Supplied material START

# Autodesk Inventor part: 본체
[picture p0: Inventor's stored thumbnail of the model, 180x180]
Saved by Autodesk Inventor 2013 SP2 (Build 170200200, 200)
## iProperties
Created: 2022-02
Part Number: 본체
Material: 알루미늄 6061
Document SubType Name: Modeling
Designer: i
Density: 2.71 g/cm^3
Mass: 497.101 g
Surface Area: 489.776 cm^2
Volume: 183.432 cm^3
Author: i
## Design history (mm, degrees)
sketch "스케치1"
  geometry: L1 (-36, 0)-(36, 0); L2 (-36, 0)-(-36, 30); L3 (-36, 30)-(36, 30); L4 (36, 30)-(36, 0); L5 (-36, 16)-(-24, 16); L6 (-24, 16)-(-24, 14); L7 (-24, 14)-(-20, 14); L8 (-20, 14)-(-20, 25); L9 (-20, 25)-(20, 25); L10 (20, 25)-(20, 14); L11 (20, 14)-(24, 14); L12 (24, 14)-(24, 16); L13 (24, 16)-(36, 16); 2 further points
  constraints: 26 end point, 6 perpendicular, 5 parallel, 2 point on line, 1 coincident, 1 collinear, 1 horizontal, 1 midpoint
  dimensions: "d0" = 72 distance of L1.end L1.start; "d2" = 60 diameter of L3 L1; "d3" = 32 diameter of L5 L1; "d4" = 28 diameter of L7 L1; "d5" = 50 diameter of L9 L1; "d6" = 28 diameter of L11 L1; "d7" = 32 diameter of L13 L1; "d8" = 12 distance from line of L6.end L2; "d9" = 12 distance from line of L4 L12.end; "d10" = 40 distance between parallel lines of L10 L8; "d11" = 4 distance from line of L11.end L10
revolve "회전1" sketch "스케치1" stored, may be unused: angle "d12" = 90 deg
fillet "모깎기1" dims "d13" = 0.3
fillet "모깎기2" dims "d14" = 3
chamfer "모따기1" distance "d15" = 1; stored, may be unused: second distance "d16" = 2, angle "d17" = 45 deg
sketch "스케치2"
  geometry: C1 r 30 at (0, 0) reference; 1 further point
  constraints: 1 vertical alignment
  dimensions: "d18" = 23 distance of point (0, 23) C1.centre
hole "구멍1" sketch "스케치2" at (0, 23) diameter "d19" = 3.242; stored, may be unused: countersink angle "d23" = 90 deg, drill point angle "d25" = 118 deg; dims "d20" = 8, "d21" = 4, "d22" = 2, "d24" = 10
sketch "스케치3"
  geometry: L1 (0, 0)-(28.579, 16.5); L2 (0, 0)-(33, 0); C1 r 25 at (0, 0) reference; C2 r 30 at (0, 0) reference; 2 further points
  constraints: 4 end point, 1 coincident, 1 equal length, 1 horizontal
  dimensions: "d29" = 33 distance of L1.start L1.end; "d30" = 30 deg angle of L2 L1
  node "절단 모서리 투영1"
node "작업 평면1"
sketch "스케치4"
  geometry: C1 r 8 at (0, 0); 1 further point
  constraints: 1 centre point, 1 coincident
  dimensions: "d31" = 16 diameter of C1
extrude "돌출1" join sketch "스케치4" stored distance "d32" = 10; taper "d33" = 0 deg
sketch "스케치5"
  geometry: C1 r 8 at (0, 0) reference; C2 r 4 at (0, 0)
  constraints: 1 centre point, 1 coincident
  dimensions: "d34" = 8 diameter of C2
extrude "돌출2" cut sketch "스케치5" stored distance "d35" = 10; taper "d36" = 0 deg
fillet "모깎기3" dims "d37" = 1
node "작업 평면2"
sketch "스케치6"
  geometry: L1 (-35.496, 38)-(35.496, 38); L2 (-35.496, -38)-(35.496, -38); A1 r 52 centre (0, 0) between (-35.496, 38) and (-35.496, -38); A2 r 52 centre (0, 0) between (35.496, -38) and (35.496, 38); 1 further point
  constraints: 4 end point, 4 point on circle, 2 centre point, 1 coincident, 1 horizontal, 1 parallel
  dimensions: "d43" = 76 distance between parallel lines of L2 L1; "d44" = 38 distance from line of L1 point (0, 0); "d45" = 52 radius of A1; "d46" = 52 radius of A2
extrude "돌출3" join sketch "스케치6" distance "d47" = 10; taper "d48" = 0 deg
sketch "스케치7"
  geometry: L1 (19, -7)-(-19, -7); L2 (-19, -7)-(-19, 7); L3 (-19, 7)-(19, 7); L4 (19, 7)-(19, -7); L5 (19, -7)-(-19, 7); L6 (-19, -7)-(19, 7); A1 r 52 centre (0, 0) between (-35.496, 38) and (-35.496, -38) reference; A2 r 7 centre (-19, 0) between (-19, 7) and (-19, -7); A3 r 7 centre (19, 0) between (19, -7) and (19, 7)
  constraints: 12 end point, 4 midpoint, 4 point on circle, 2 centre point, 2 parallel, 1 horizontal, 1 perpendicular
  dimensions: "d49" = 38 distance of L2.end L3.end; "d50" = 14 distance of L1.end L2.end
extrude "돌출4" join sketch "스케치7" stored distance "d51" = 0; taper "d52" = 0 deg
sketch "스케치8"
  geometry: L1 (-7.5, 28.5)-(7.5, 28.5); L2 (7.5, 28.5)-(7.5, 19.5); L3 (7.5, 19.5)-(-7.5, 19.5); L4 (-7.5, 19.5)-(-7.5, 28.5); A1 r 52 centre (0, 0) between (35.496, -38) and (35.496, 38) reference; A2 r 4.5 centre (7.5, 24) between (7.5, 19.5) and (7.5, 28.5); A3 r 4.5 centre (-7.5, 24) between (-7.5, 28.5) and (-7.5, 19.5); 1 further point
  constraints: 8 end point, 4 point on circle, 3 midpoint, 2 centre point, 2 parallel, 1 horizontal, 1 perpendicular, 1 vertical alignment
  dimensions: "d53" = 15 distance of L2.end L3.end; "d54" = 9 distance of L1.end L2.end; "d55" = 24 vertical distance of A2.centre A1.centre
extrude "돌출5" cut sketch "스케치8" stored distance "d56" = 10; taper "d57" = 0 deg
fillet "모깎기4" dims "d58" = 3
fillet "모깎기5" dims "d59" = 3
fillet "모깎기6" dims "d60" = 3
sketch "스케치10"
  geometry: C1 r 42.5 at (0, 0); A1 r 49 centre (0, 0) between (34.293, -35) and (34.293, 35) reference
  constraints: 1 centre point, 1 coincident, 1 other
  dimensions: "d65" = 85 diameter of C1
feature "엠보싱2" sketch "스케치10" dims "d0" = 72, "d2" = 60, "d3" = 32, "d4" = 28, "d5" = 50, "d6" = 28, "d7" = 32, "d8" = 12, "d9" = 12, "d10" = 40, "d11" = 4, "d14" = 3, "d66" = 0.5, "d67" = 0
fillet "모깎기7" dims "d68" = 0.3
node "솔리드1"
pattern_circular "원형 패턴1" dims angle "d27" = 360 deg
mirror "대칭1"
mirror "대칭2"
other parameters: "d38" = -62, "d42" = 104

Supplied material END

The lines of the data, from the first through the one containing "geometry: C1 r 8 at (0, 0); 1 further point", are to be transcribed exactly.

*Answer section:*
# Autodesk Inventor part: 본체
[picture p0: Inventor's stored thumbnail of the model, 180x180]
Saved by Autodesk Inventor 2013 SP2 (Build 170200200, 200)
## iProperties
Created: 2022-02
Part Number: 본체
Material: 알루미늄 6061
Document SubType Name: Modeling
Designer: i
Density: 2.71 g/cm^3
Mass: 497.101 g
Surface Area: 489.776 cm^2
Volume: 183.432 cm^3
Author: i
## Design history (mm, degrees)
sketch "스케치1"
  geometry: L1 (-36, 0)-(36, 0); L2 (-36, 0)-(-36, 30); L3 (-36, 30)-(36, 30); L4 (36, 30)-(36, 0); L5 (-36, 16)-(-24, 16); L6 (-24, 16)-(-24, 14); L7 (-24, 14)-(-20, 14); L8 (-20, 14)-(-20, 25); L9 (-20, 25)-(20, 25); L10 (20, 25)-(20, 14); L11 (20, 14)-(24, 14); L12 (24, 14)-(24, 16); L13 (24, 16)-(36, 16); 2 further points
  constraints: 26 end point, 6 perpendicular, 5 parallel, 2 point on line, 1 coincident, 1 collinear, 1 horizontal, 1 midpoint
  dimensions: "d0" = 72 distance of L1.end L1.start; "d2" = 60 diameter of L3 L1; "d3" = 32 diameter of L5 L1; "d4" = 28 diameter of L7 L1; "d5" = 50 diameter of L9 L1; "d6" = 28 diameter of L11 L1; "d7" = 32 diameter of L13 L1; "d8" = 12 distance from line of L6.end L2; "d9" = 12 distance from line of L4 L12.end; "d10" = 40 distance between parallel lines of L10 L8; "d11" = 4 distance from line of L11.end L10
revolve "회전1" sketch "스케치1" stored, may be unused: angle "d12" = 90 deg
fillet "모깎기1" dims "d13" = 0.3
fillet "모깎기2" dims "d14" = 3
chamfer "모따기1" distance "d15" = 1; stored, may be unused: second distance "d16" = 2, angle "d17" = 45 deg
sketch "스케치2"
  geometry: C1 r 30 at (0, 0) reference; 1 further point
  constraints: 1 vertical alignment
  dimensions: "d18" = 23 distance of point (0, 23) C1.centre
hole "구멍1" sketch "스케치2" at (0, 23) diameter "d19" = 3.242; stored, may be unused: countersink angle "d23" = 90 deg, drill point angle "d25" = 118 deg; dims "d20" = 8, "d21" = 4, "d22" = 2, "d24" = 10
sketch "스케치3"
  geometry: L1 (0, 0)-(28.579, 16.5); L2 (0, 0)-(33, 0); C1 r 25 at (0, 0) reference; C2 r 30 at (0, 0) reference; 2 further points
  constraints: 4 end point, 1 coincident, 1 equal length, 1 horizontal
  dimensions: "d29" = 33 distance of L1.start L1.end; "d30" = 30 deg angle of L2 L1
  node "절단 모서리 투영1"
node "작업 평면1"
sketch "스케치4"
  geometry: C1 r 8 at (0, 0); 1 further point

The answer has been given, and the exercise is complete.